*Exercise*
For the data below, work out how many lines contain the word "other" and supply only that number.
++++ Study material ++++
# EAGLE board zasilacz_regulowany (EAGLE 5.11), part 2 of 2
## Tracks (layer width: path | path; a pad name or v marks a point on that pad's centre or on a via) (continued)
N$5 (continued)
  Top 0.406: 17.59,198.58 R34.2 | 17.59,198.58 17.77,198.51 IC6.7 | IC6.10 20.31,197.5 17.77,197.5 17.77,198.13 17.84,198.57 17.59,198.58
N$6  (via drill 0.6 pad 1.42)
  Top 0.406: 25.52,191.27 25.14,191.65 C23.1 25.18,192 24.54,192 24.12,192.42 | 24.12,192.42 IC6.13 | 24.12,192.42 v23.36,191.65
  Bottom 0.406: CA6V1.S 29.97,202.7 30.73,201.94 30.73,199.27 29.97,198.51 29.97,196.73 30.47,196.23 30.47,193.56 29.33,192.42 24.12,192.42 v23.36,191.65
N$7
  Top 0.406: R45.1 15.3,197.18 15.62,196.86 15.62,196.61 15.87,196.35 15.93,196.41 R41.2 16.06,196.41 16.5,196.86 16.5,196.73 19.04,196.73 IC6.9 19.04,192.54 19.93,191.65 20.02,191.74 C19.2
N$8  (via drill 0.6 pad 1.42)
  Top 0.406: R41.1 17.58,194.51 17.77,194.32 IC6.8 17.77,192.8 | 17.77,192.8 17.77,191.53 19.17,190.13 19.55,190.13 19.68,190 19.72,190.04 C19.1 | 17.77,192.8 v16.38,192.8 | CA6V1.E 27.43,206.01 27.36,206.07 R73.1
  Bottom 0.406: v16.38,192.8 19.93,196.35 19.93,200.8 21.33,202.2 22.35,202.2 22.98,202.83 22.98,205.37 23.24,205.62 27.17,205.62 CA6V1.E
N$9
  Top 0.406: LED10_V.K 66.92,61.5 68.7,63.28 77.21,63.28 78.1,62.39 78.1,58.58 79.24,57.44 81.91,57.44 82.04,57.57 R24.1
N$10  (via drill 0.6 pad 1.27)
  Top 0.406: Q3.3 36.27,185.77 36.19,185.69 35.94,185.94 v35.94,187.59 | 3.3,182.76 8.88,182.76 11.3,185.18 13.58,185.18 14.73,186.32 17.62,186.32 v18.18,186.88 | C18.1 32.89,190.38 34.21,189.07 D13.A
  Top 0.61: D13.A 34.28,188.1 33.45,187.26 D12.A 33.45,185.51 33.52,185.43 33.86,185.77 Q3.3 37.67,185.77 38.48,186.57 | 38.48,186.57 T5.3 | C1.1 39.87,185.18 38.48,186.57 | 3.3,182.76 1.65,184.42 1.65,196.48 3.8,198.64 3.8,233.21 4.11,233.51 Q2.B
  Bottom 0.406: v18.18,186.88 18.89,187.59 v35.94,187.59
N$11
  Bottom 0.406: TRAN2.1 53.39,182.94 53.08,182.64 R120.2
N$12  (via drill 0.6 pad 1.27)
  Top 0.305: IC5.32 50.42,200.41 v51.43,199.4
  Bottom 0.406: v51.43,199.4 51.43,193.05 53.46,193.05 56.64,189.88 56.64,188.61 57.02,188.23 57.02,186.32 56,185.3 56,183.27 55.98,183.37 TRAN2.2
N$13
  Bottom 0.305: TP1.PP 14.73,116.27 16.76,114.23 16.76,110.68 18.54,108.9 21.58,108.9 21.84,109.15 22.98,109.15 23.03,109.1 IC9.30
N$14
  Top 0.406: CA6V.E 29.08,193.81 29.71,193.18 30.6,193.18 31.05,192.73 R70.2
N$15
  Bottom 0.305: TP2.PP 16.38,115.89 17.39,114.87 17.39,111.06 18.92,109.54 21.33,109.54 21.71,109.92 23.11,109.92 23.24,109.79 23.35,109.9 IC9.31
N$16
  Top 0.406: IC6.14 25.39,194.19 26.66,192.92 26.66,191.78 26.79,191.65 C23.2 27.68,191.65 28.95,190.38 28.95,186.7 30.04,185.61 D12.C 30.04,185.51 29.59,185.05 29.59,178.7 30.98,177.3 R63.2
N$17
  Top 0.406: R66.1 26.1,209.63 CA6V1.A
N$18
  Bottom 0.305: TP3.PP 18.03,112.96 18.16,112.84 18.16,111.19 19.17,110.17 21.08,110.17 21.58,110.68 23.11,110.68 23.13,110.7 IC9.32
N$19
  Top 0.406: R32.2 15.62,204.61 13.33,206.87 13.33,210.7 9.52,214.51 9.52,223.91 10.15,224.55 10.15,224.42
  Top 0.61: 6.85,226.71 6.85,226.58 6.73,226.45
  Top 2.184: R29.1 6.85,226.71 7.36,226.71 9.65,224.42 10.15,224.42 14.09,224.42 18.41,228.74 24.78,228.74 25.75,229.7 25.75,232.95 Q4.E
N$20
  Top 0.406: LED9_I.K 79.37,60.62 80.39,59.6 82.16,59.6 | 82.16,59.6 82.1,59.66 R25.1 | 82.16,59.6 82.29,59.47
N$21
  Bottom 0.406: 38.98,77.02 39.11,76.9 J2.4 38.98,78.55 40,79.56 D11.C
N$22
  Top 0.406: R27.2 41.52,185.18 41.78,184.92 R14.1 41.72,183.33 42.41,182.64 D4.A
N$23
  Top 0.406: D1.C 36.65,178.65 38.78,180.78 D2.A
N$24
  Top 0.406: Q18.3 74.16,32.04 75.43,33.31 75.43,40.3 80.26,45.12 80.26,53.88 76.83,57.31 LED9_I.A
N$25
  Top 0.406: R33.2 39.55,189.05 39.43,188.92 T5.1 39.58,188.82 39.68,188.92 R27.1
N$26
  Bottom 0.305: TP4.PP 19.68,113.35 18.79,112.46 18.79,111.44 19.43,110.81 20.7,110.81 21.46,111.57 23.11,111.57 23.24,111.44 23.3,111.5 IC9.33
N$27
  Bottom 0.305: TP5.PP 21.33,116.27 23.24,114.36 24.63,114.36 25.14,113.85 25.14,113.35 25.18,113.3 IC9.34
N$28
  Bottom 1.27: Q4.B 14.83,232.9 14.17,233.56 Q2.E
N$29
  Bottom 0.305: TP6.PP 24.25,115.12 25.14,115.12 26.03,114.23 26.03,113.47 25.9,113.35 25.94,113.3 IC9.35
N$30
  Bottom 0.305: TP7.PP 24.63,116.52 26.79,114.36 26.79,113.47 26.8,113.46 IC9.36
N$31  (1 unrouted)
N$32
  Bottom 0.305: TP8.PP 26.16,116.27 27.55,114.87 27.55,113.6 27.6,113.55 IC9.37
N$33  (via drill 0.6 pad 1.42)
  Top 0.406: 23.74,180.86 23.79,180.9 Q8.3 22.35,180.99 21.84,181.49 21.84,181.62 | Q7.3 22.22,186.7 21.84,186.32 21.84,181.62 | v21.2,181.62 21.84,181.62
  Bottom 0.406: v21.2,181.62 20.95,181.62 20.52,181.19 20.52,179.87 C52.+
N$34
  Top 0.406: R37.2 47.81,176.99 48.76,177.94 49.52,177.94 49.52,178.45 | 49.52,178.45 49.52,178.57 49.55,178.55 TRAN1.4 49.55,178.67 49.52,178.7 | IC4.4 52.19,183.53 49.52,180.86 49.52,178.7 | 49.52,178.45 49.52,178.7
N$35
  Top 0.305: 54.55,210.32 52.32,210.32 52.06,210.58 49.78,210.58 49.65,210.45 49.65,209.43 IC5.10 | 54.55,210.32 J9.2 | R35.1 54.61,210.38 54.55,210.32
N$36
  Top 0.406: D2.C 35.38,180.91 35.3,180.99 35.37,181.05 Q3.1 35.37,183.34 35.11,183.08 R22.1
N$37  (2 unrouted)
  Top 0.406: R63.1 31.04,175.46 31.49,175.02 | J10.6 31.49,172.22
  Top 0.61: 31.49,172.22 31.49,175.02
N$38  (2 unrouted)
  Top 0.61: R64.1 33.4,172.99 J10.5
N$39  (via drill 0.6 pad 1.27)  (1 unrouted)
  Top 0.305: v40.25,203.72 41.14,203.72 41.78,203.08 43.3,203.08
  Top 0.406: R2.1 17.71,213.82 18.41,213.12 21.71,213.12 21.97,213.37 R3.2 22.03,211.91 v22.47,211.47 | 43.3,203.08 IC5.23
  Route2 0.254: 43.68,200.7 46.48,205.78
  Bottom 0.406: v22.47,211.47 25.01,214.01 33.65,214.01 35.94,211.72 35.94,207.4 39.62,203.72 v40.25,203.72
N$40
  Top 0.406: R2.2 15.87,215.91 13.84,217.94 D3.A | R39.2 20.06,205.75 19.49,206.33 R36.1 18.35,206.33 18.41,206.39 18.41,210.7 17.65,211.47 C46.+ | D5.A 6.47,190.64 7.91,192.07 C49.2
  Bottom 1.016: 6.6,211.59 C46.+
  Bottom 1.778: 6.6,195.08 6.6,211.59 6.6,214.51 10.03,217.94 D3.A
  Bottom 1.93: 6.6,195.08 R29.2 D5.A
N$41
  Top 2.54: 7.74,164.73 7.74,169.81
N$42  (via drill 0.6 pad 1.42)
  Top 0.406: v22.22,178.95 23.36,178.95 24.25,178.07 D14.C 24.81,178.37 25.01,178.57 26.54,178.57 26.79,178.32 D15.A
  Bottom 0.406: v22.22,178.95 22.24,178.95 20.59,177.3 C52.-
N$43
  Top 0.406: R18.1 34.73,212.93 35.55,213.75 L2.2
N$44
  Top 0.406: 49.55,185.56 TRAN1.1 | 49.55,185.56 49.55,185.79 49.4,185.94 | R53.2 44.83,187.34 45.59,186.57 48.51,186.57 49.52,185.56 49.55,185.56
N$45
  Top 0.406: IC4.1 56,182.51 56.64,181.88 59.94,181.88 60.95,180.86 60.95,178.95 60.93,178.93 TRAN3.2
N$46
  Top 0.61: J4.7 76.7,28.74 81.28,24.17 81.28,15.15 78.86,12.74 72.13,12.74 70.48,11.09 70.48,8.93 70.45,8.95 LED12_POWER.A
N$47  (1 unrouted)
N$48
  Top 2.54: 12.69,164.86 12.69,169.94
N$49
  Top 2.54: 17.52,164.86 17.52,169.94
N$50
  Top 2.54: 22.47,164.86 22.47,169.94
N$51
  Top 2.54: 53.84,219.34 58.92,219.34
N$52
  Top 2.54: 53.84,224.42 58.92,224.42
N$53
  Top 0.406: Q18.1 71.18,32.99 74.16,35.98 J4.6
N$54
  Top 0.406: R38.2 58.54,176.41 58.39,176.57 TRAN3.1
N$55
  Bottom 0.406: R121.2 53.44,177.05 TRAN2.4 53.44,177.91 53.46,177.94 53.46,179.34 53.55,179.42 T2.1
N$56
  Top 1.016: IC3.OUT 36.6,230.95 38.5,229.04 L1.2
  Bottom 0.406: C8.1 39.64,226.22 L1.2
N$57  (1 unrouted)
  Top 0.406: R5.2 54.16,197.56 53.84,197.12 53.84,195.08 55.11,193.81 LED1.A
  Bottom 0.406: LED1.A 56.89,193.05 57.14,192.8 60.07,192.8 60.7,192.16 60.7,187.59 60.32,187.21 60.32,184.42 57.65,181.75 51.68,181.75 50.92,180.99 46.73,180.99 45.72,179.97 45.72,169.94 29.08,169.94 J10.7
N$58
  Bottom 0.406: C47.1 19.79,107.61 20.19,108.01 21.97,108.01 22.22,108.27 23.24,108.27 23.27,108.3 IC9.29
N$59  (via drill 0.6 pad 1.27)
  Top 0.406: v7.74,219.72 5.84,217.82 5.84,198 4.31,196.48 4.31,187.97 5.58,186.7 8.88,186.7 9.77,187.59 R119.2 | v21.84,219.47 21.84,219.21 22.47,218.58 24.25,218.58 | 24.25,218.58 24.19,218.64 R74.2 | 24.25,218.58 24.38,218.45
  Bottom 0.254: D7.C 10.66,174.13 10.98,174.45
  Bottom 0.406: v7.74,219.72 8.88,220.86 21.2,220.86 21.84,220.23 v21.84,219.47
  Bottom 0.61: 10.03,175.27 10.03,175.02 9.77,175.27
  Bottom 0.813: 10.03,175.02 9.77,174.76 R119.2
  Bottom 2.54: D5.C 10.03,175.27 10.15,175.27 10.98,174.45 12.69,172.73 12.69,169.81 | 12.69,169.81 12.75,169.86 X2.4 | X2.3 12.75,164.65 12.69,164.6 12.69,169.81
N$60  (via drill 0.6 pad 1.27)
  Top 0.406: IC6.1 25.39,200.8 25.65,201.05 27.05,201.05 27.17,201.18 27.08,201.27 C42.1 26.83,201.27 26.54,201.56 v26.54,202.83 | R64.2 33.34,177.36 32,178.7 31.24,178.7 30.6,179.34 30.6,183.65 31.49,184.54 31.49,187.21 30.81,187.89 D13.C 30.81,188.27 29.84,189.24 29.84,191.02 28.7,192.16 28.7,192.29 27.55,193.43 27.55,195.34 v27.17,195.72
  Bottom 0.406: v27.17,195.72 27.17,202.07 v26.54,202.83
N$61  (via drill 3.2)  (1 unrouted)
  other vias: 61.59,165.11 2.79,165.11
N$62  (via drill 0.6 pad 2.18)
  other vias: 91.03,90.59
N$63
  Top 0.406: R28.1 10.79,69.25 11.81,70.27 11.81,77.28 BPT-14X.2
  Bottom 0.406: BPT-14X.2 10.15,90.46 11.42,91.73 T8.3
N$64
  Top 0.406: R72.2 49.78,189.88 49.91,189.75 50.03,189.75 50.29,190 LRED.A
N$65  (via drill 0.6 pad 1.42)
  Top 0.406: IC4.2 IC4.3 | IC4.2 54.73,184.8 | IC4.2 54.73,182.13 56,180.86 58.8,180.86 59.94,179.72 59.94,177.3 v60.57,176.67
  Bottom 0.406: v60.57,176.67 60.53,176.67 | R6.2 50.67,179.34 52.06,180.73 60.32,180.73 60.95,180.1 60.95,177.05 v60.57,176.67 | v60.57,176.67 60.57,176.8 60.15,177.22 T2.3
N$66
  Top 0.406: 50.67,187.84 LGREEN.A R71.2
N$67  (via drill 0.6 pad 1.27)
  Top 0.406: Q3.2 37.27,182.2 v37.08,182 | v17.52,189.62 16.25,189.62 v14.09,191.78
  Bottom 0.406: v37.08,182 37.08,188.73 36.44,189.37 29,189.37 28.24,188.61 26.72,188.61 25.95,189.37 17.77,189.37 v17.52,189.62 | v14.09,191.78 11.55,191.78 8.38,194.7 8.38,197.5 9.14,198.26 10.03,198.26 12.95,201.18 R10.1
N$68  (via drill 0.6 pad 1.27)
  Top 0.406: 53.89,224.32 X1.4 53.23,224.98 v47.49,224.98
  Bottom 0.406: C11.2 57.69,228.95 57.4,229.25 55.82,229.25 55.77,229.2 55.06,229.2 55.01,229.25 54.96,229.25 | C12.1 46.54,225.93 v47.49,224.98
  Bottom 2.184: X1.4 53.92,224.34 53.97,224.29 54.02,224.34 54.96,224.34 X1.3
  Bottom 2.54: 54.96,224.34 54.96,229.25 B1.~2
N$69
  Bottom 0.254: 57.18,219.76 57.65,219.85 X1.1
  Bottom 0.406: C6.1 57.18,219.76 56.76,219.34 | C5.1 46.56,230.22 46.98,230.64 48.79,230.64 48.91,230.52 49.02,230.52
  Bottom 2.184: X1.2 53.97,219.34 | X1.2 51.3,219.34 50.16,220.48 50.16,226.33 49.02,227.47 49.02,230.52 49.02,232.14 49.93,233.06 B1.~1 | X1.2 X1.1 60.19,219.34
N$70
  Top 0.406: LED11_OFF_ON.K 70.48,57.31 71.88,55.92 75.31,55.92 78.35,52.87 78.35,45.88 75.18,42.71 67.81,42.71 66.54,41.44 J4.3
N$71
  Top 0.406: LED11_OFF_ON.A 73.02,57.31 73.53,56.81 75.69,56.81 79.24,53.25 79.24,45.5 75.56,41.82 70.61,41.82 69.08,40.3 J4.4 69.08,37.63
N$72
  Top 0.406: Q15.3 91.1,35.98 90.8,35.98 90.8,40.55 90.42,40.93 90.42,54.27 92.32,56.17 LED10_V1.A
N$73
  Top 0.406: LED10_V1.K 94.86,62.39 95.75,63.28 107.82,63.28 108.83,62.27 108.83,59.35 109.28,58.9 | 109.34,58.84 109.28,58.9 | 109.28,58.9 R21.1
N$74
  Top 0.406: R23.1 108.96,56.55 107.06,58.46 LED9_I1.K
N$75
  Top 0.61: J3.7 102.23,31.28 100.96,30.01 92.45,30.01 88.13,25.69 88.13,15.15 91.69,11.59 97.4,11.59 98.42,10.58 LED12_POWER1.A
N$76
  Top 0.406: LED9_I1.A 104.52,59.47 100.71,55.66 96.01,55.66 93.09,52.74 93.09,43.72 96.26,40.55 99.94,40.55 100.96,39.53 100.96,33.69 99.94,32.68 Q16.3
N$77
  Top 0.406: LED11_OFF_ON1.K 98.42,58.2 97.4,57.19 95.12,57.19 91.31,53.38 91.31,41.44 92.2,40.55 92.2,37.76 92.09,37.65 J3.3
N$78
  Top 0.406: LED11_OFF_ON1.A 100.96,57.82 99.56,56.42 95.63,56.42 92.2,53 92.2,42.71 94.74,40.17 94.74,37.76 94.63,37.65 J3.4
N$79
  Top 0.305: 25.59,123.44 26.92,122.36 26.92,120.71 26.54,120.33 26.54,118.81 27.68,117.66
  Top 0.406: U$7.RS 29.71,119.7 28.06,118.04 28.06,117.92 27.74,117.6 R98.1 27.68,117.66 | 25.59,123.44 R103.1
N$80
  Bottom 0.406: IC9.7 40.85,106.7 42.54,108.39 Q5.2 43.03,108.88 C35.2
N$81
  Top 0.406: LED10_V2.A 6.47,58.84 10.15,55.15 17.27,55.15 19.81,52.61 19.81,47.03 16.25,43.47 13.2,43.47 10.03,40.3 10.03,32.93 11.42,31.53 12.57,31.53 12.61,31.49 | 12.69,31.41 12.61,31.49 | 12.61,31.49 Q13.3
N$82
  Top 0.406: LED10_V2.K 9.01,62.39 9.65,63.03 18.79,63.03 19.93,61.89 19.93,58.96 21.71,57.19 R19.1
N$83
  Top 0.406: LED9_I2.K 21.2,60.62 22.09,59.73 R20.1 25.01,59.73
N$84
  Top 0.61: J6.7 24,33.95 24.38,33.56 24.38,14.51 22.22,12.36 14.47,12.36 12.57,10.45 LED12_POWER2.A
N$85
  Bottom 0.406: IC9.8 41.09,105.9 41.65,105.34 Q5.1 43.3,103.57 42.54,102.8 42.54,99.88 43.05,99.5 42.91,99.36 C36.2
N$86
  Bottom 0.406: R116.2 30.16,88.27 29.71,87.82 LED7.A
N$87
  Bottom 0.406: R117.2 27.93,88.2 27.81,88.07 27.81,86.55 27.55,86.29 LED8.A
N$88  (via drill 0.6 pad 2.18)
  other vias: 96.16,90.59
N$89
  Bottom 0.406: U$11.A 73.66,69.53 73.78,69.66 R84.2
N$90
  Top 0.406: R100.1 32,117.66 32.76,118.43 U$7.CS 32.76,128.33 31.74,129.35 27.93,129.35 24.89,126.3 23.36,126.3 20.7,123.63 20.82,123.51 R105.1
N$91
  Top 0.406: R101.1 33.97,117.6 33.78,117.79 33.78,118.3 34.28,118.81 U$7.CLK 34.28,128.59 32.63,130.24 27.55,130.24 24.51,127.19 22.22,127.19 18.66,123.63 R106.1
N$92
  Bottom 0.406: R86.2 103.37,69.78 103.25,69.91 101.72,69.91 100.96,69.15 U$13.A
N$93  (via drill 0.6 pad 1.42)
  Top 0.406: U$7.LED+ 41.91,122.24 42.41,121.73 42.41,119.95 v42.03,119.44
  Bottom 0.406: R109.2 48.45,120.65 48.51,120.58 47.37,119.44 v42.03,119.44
++++
*Final answer*
3